Exercise objective
Find every line below with the word "save" in it, and copy each one.

######

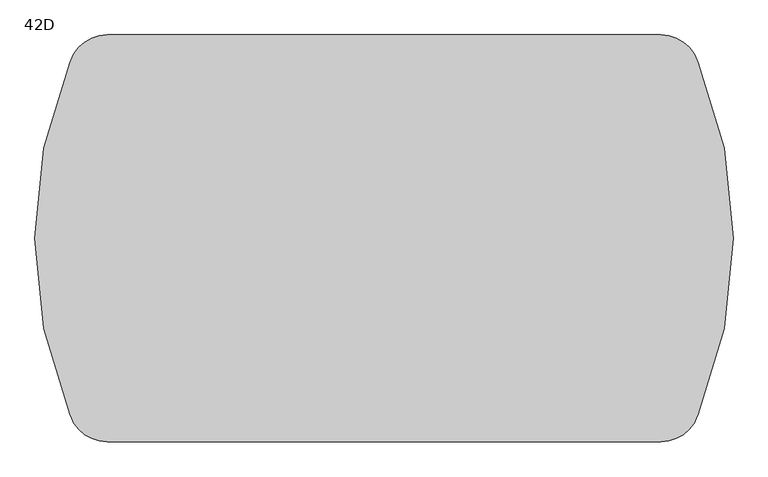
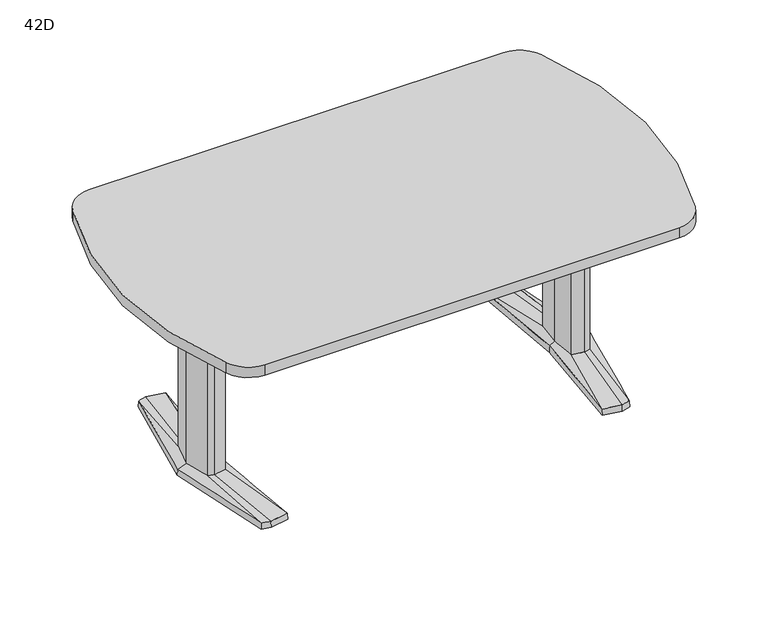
"""IFC4 building model written with IfcOpenShell, lengths in millimetres: furniture geometry, Coalesse_AM_Table_Conference_ETable2_SoftRadiused_72in_AluminiumBase : 42D."""

from ifc_helpers import new_model, si_unit, point, frame, frame_2d, origin, place, context, project, spatial, polyline, circle_curve, trimmed, segment, composite_curve, outline, extrude, source, transform, mapped, element, save
from ifc_brep_helpers import plane_surface, spline_surface, advanced_brep


def furniture_42d_55c07481(model_context):
    return source(origin(), model_context, "Body", "SolidModel", [
        advanced_brep(
        [(614.8503471, -379.3768856, 25.4), (644.5756636, -371.5332654, 25.4), (668.2327243, -89.293702, 36.5125), (648.9795254, -94.605478, 36.5125), (606.0521001, -87.0529327, 36.5125), (551.7612538, -368.5071562, 25.4), (597.9364207, 0.0, 36.5125), (579.8389754, 0.3970149, 25.4), (606.0521001, 87.0529327, 36.5125), (551.7615002, 368.5172593, 25.4), (648.9795254, 94.605478, 36.5125), (614.8502233, 379.3769183, 25.4), (668.2327243, 89.293702, 36.5125), (644.7535458, 371.4863276, 25.4), (692.1595251, 0.0, 36.5125), (721.4851663, 0.0003516, 25.4), (578.2468742, 0.3968871, 3.175), (550.06875, 369.8367279, 3.175), (614.9213004, 381.0, 3.175), (646.1093245, 372.7704151, 3.175), (723.10625, 0.0, 3.175), (645.9309817, -372.8174744, 3.175), (614.9213004, -381.0, 3.175), (550.06875, -369.8264415, 3.175), (649.5979264, 107.6121478, 3.175), (594.3065451, 97.8843184, 3.175), (585.1810887, 0.0, 3.175), (594.3065451, -97.8843184, 3.175), (649.5979264, -107.6121478, 3.175), (678.6183473, -99.6056872, 3.175), (705.3083085, 0.0, 3.175), (678.6183473, 99.6056872, 3.175), (613.4286812, 346.9152841, 3.175), (557.7811371, 337.3364985, 3.175), (560.1889918, 324.8641942, 3.175), (612.8600644, 333.9306305, 3.175), (648.6725609, 324.4807859, 3.175), (647.5544526, 337.9105158, 3.175), (613.4286812, -346.9152841, 3.175), (647.5544526, -337.9105158, 3.175), (648.6725609, -324.4807859, 3.175), (612.8600644, -333.9306305, 3.175), (560.1889918, -324.8641942, 3.175), (557.7811371, -337.3364985, 3.175), (649.5979264, 107.6121478, 0.0), (678.6183473, 99.6056872, 0.0), (705.3083085, 0.0, 0.0), (678.6183473, -99.6056872, 0.0), (649.5979264, -107.6121478, 0.0), (594.3065451, -97.8843184, 0.0), (585.1810887, 0.0, 0.0), (594.3065451, 97.8843184, 0.0), (613.4286812, 346.9152841, 0.0), (647.5544526, 337.9105158, 0.0), (648.6725609, 324.4807859, 0.0), (612.8600644, 333.9306305, 0.0), (560.1889918, 324.8641942, 0.0), (557.7811371, 337.3364985, 0.0), (613.4286812, -346.9152841, 0.0), (557.7811371, -337.3364985, 0.0), (560.1889918, -324.8641942, 0.0), (612.8600644, -333.9306305, 0.0), (648.6725609, -324.4807859, 0.0), (647.5544526, -337.9105158, 0.0), (668.2327243, 89.293702, 698.5), (648.9795254, 94.605478, 698.5), (606.0521001, 87.0529327, 698.5), (597.9364207, 0.0, 698.5), (606.0521001, -87.0529327, 698.5), (648.9795254, -94.605478, 698.5), (668.2327243, -89.293702, 698.5), (692.1595251, 0.0, 698.5)],
        [
            (0, 1),
            (1, 2),
            (2, 3),
            (3, 0),
            (3, 4),
            (4, 5),
            (5, 0),
            (4, 6),
            (6, 7),
            (7, 5),
            (6, 8),
            (8, 9),
            (9, 7),
            (8, 10),
            (10, 11),
            (11, 9),
            (10, 12),
            (12, 13),
            (13, 11),
            (12, 14),
            (14, 15),
            (15, 13),
            (1, 15),
            (14, 2),
            (16, 17),
            (17, 18),
            (18, 19),
            (19, 20),
            (20, 21),
            (21, 22),
            (22, 23),
            (23, 16),
            (24, 25),
            (25, 26),
            (26, 27),
            (27, 28),
            (28, 29),
            (29, 30),
            (30, 31),
            (31, 24),
            (32, 33),
            (33, 34),
            (34, 35),
            (35, 36),
            (36, 37),
            (37, 32),
            (38, 39),
            (39, 40),
            (40, 41),
            (41, 42),
            (42, 43),
            (43, 38),
            (16, 7),
            (9, 17),
            (11, 18),
            (13, 19),
            (15, 20),
            (1, 21),
            (0, 22),
            (5, 23),
            (44, 45),
            (45, 46),
            (46, 47),
            (47, 48),
            (48, 49),
            (49, 50),
            (50, 51),
            (51, 44),
            (52, 53),
            (53, 54),
            (54, 55),
            (55, 56),
            (56, 57),
            (57, 52),
            (58, 59),
            (59, 60),
            (60, 61),
            (61, 62),
            (62, 63),
            (63, 58),
            (44, 24),
            (31, 45),
            (30, 46),
            (29, 47),
            (28, 48),
            (27, 49),
            (26, 50),
            (25, 51),
            (52, 32),
            (37, 53),
            (36, 54),
            (35, 55),
            (34, 56),
            (33, 57),
            (58, 38),
            (43, 59),
            (42, 60),
            (41, 61),
            (40, 62),
            (39, 63),
            (64, 65),
            (65, 66),
            (66, 67),
            (67, 68),
            (68, 69),
            (69, 70),
            (70, 71),
            (71, 64),
            (71, 14),
            (12, 64),
            (70, 2),
            (69, 3),
            (68, 4),
            (67, 6),
            (66, 8),
            (65, 10),
        ],
        [
            spline_surface(1, 1, [[(644.5756636, -371.5332654, 25.4), (614.8503471, -379.3768856, 25.4)], [(668.2327243, -89.293702, 36.5125), (648.9795254, -94.605478, 36.5125)]], [2, 2], [2, 2], [0.0, 1.0], [0.0, 1.0]),
            spline_surface(1, 1, [[(614.8503471, -379.3768856, 25.4), (551.7612538, -368.5071562, 25.4)], [(648.9795254, -94.605478, 36.5125), (606.0521001, -87.0529327, 36.5125)]], [2, 2], [2, 2], [0.0, 1.0], [0.0, 1.0]),
            spline_surface(1, 1, [[(551.7612538, -368.5071562, 25.4), (579.8389754, 0.3970149, 25.4)], [(606.0521001, -87.0529327, 36.5125), (597.9364207, 0.0, 36.5125)]], [2, 2], [2, 2], [0.0, 1.0], [0.0, 1.0]),
            spline_surface(1, 1, [[(579.8389754, 0.3970149, 25.4), (551.7615002, 368.5172593, 25.4)], [(597.9364207, 0.0, 36.5125), (606.0521001, 87.0529327, 36.5125)]], [2, 2], [2, 2], [0.0, 1.0], [0.0, 1.0]),
            spline_surface(1, 1, [[(551.7615002, 368.5172593, 25.4), (614.8502233, 379.3769183, 25.4)], [(606.0521001, 87.0529327, 36.5125), (648.9795254, 94.605478, 36.5125)]], [2, 2], [2, 2], [0.0, 1.0], [0.0, 1.0]),
            spline_surface(1, 1, [[(614.8502233, 379.3769183, 25.4), (644.7535458, 371.4863276, 25.4)], [(648.9795254, 94.605478, 36.5125), (668.2327243, 89.293702, 36.5125)]], [2, 2], [2, 2], [0.0, 1.0], [0.0, 1.0]),
            spline_surface(1, 1, [[(644.7535458, 371.4863276, 25.4), (721.4851663, 0.0003516, 25.4)], [(668.2327243, 89.293702, 36.5125), (692.1595251, 0.0, 36.5125)]], [2, 2], [2, 2], [0.0, 1.0], [0.0, 1.0]),
            spline_surface(1, 1, [[(721.4851663, 0.0003516, 25.4), (644.5756636, -371.5332654, 25.4)], [(692.1595251, 0.0, 36.5125), (668.2327243, -89.293702, 36.5125)]], [2, 2], [2, 2], [0.0, 1.0], [0.0, 1.0]),
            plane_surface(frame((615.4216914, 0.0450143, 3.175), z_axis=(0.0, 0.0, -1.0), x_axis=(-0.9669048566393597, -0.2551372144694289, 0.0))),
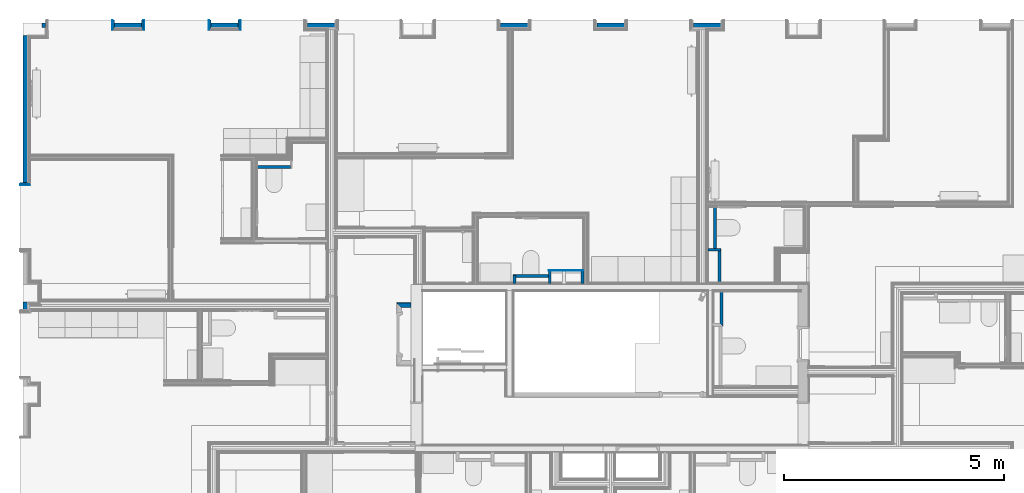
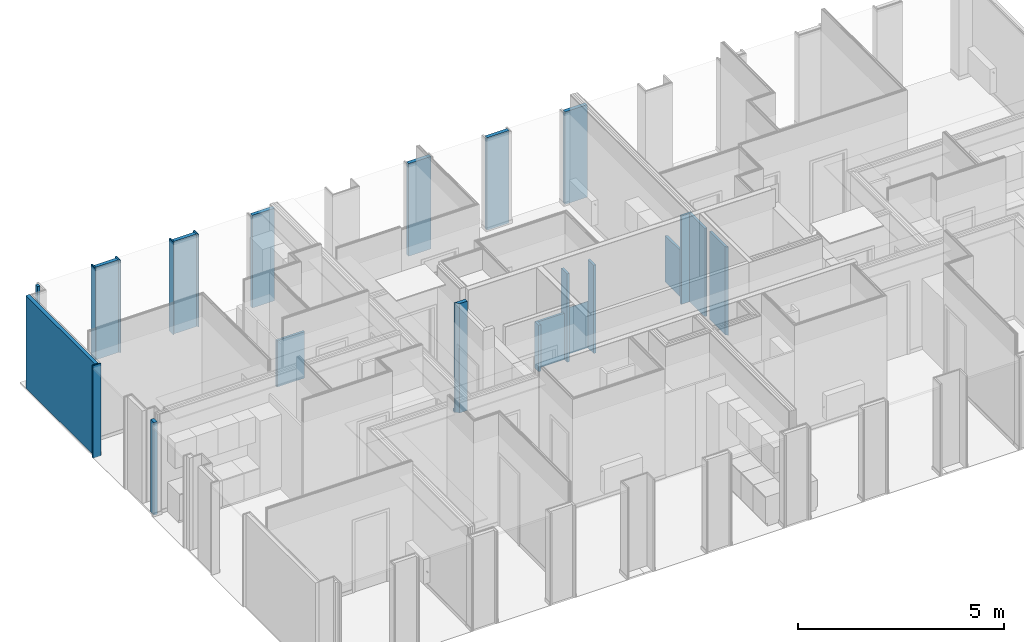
# One storey, part 4 of 65: 30 walls.
"""IFC2X3 building model written with IfcOpenShell, lengths in metres."""

from ifc_helpers import new_model, entity, si_unit, converted_unit, derived_unit, money_unit, direction, frame, frame_2d, origin_with_axes, place, context, subcontext, project, spatial, polyline, rectangle, outline, extrude, clip, bounded_halfspace, material, layer, layer_set, layer_usage, type_object, element, save


model = new_model("IFC2X3")

# Units and contexts
model_context = context("Model", 3, precision=1e-05, world=origin_with_axes(), true_north=direction((0.0, 1.0)))
body_context = subcontext(model_context, "Body", "Model", "MODEL_VIEW", scale=1.0)
ifc_project = project(units=[si_unit("LENGTHUNIT", "METRE"), si_unit("AREAUNIT", "SQUARE_METRE"), si_unit("VOLUMEUNIT", "CUBIC_METRE"), si_unit("ABSORBEDDOSEUNIT", "GRAY"), si_unit("AMOUNTOFSUBSTANCEUNIT", "MOLE"), si_unit("DOSEEQUIVALENTUNIT", "SIEVERT"), si_unit("ELECTRICCAPACITANCEUNIT", "FARAD"), si_unit("ELECTRICCHARGEUNIT", "COULOMB"), si_unit("ELECTRICCONDUCTANCEUNIT", "SIEMENS"), si_unit("ELECTRICCURRENTUNIT", "AMPERE"), si_unit("ELECTRICRESISTANCEUNIT", "OHM"), si_unit("ELECTRICVOLTAGEUNIT", "VOLT"), si_unit("ENERGYUNIT", "JOULE"), si_unit("FORCEUNIT", "NEWTON"), si_unit("FREQUENCYUNIT", "HERTZ"), si_unit("ILLUMINANCEUNIT", "LUX"), si_unit("INDUCTANCEUNIT", "HENRY"), si_unit("LUMINOUSFLUXUNIT", "LUMEN"), si_unit("LUMINOUSINTENSITYUNIT", "CANDELA"), si_unit("MAGNETICFLUXDENSITYUNIT", "TESLA"), si_unit("MAGNETICFLUXUNIT", "WEBER"), si_unit("MASSUNIT", "GRAM"), converted_unit("PLANEANGLEUNIT", "degree", entity("IfcReal", 0.0174532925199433), si_unit("PLANEANGLEUNIT", "RADIAN"), dimensions=[0, 0, 0, 0, 0, 0, 0]), si_unit("POWERUNIT", "WATT"), si_unit("PRESSUREUNIT", "PASCAL"), si_unit("RADIOACTIVITYUNIT", "BECQUEREL"), si_unit("SOLIDANGLEUNIT", "STERADIAN"), si_unit("THERMODYNAMICTEMPERATUREUNIT", "KELVIN"), si_unit("TIMEUNIT", "SECOND"), derived_unit("ACCELERATIONUNIT", [(si_unit("LENGTHUNIT", "METRE"), 1), (si_unit("TIMEUNIT", "SECOND"), -2)]), derived_unit("ANGULARVELOCITYUNIT", [(converted_unit("PLANEANGLEUNIT", "degree", entity("IfcReal", 0.0174532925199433), si_unit("PLANEANGLEUNIT", "RADIAN"), dimensions=[0, 0, 0, 0, 0, 0, 0]), 1), (si_unit("TIMEUNIT", "SECOND"), -1)]), derived_unit("CURVATUREUNIT", [(converted_unit("PLANEANGLEUNIT", "degree", entity("IfcReal", 0.0174532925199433), si_unit("PLANEANGLEUNIT", "RADIAN"), dimensions=[0, 0, 0, 0, 0, 0, 0]), 1), (si_unit("LENGTHUNIT", "METRE"), -1)]), derived_unit("DYNAMICVISCOSITYUNIT", [(si_unit("PRESSUREUNIT", "PASCAL"), 1), (si_unit("TIMEUNIT", "SECOND"), 1)]), derived_unit("HEATFLUXDENSITYUNIT", [(si_unit("POWERUNIT", "WATT"), 1), (si_unit("LENGTHUNIT", "METRE"), -2)]), derived_unit("HEATINGVALUEUNIT", [(si_unit("ENERGYUNIT", "JOULE"), 1), (si_unit("MASSUNIT", "GRAM"), -1)]), derived_unit("INTEGERCOUNTRATEUNIT", [(si_unit("TIMEUNIT", "SECOND"), -1)]), derived_unit("IONCONCENTRATIONUNIT", [(si_unit("MASSUNIT", "GRAM"), 1), (si_unit("VOLUMEUNIT", "CUBIC_METRE"), -1)]), derived_unit("ISOTHERMALMOISTURECAPACITYUNIT", [(si_unit("VOLUMEUNIT", "CUBIC_METRE"), 1), (si_unit("MASSUNIT", "GRAM"), -1)]), derived_unit("KINEMATICVISCOSITYUNIT", [(si_unit("AREAUNIT", "SQUARE_METRE"), 1), (si_unit("TIMEUNIT", "SECOND"), -1)]), derived_unit("LINEARFORCEUNIT", [(si_unit("FORCEUNIT", "NEWTON"), 1), (si_unit("LENGTHUNIT", "METRE"), -1)]), derived_unit("LINEARMOMENTUNIT", [(si_unit("FORCEUNIT", "NEWTON"), 1), (si_unit("LENGTHUNIT", "METRE"), -1)]), derived_unit("LINEARSTIFFNESSUNIT", [(si_unit("FORCEUNIT", "NEWTON"), 1), (si_unit("LENGTHUNIT", "METRE"), -1)]), derived_unit("LINEARVELOCITYUNIT", [(si_unit("LENGTHUNIT", "METRE"), 1), (si_unit("TIMEUNIT", "SECOND"), -1)]), derived_unit("LUMINOUSINTENSITYDISTRIBUTIONUNIT", [(si_unit("LUMINOUSINTENSITYUNIT", "CANDELA"), 1), (si_unit("LUMINOUSFLUXUNIT", "LUMEN"), -1)]), derived_unit("MASSDENSITYUNIT", [(si_unit("MASSUNIT", "GRAM"), 1), (si_unit("VOLUMEUNIT", "CUBIC_METRE"), -1)]), derived_unit("MASSFLOWRATEUNIT", [(si_unit("MASSUNIT", "GRAM"), 1), (si_unit("TIMEUNIT", "SECOND"), -1)]), derived_unit("MASSPERLENGTHUNIT", [(si_unit("MASSUNIT", "GRAM"), 1), (si_unit("LENGTHUNIT", "METRE"), -1)]), derived_unit("MODULUSOFELASTICITYUNIT", [(si_unit("FORCEUNIT", "NEWTON"), 1), (si_unit("AREAUNIT", "SQUARE_METRE"), -1)]), derived_unit("MODULUSOFLINEARSUBGRADEREACTIONUNIT", [(si_unit("FORCEUNIT", "NEWTON"), 1), (si_unit("LENGTHUNIT", "METRE"), -2)]), derived_unit("MODULUSOFROTATIONALSUBGRADEREACTIONUNIT", [(si_unit("FORCEUNIT", "NEWTON"), 1), (si_unit("LENGTHUNIT", "METRE"), 1)]), derived_unit("MODULUSOFSUBGRADEREACTIONUNIT", [(si_unit("FORCEUNIT", "NEWTON"), 1), (si_unit("VOLUMEUNIT", "CUBIC_METRE"), -1)]), derived_unit("MOISTUREDIFFUSIVITYUNIT", [(si_unit("VOLUMEUNIT", "CUBIC_METRE"), 1), (si_unit("TIMEUNIT", "SECOND"), -1)]), derived_unit("MOLECULARWEIGHTUNIT", [(si_unit("MASSUNIT", "GRAM"), 1), (si_unit("AMOUNTOFSUBSTANCEUNIT", "MOLE"), -1)]), derived_unit("PLANARFORCEUNIT", [(si_unit("FORCEUNIT", "NEWTON"), 1), (si_unit("LENGTHUNIT", "METRE"), -2)]), derived_unit("ROTATIONALFREQUENCYUNIT", [(si_unit("TIMEUNIT", "SECOND"), -1)]), derived_unit("ROTATIONALMASSUNIT", [(si_unit("MASSUNIT", "GRAM"), 1), (si_unit("LENGTHUNIT", "METRE"), 2)]), derived_unit("ROTATIONALSTIFFNESSUNIT", [(si_unit("FORCEUNIT", "NEWTON"), 1), (si_unit("LENGTHUNIT", "METRE"), 1), (converted_unit("PLANEANGLEUNIT", "degree", entity("IfcReal", 0.0174532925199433), si_unit("PLANEANGLEUNIT", "RADIAN"), dimensions=[0, 0, 0, 0, 0, 0, 0]), -1)]), derived_unit("SECTIONAREAINTEGRALUNIT", [(si_unit("LENGTHUNIT", "METRE"), 5)]), derived_unit("SECTIONMODULUSUNIT", [(si_unit("LENGTHUNIT", "METRE"), 3)]), derived_unit("SHEARMODULUSUNIT", [(si_unit("FORCEUNIT", "NEWTON"), 1), (si_unit("AREAUNIT", "SQUARE_METRE"), -1)]), derived_unit("SOUNDPOWERUNIT", [(si_unit("ENERGYUNIT", "JOULE"), 1), (si_unit("TIMEUNIT", "SECOND"), -1)]), derived_unit("SPECIFICHEATCAPACITYUNIT", [(si_unit("FORCEUNIT", "NEWTON"), 1), (si_unit("MASSUNIT", "GRAM"), -1), (si_unit("THERMODYNAMICTEMPERATUREUNIT", "KELVIN"), -1)]), derived_unit("TEMPERATUREGRADIENTUNIT", [(si_unit("THERMODYNAMICTEMPERATUREUNIT", "KELVIN"), 1), (si_unit("LENGTHUNIT", "METRE"), -1)]), derived_unit("THERMALADMITTANCEUNIT", [(si_unit("POWERUNIT", "WATT"), 1), (si_unit("AREAUNIT", "SQUARE_METRE"), -1), (si_unit("THERMODYNAMICTEMPERATUREUNIT", "KELVIN"), -1)]), derived_unit("THERMALCONDUCTANCEUNIT", [(si_unit("POWERUNIT", "WATT"), 1), (si_unit("LENGTHUNIT", "METRE"), -1), (si_unit("THERMODYNAMICTEMPERATUREUNIT", "KELVIN"), -1)]), derived_unit("THERMALEXPANSIONCOEFFICIENTUNIT", [(si_unit("THERMODYNAMICTEMPERATUREUNIT", "KELVIN"), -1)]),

######

Written response
from ifc_helpers import new_model, si_unit, point, frame, frame_2d, origin, place, context, project, spatial, polyline, circle_curve, trimmed, segment, composite_curve, outline, extrude, source, transform, mapped, element, save
from ifc_helpers import new_model, entity, si_unit, converted_unit, derived_unit, money_unit, direction, frame, frame_2d, origin_with_axes, place, context, subcontext, project, spatial, polyline, rectangle, outline, extrude, clip, bounded_halfspace, material, layer, layer_set, layer_usage, type_object, element, save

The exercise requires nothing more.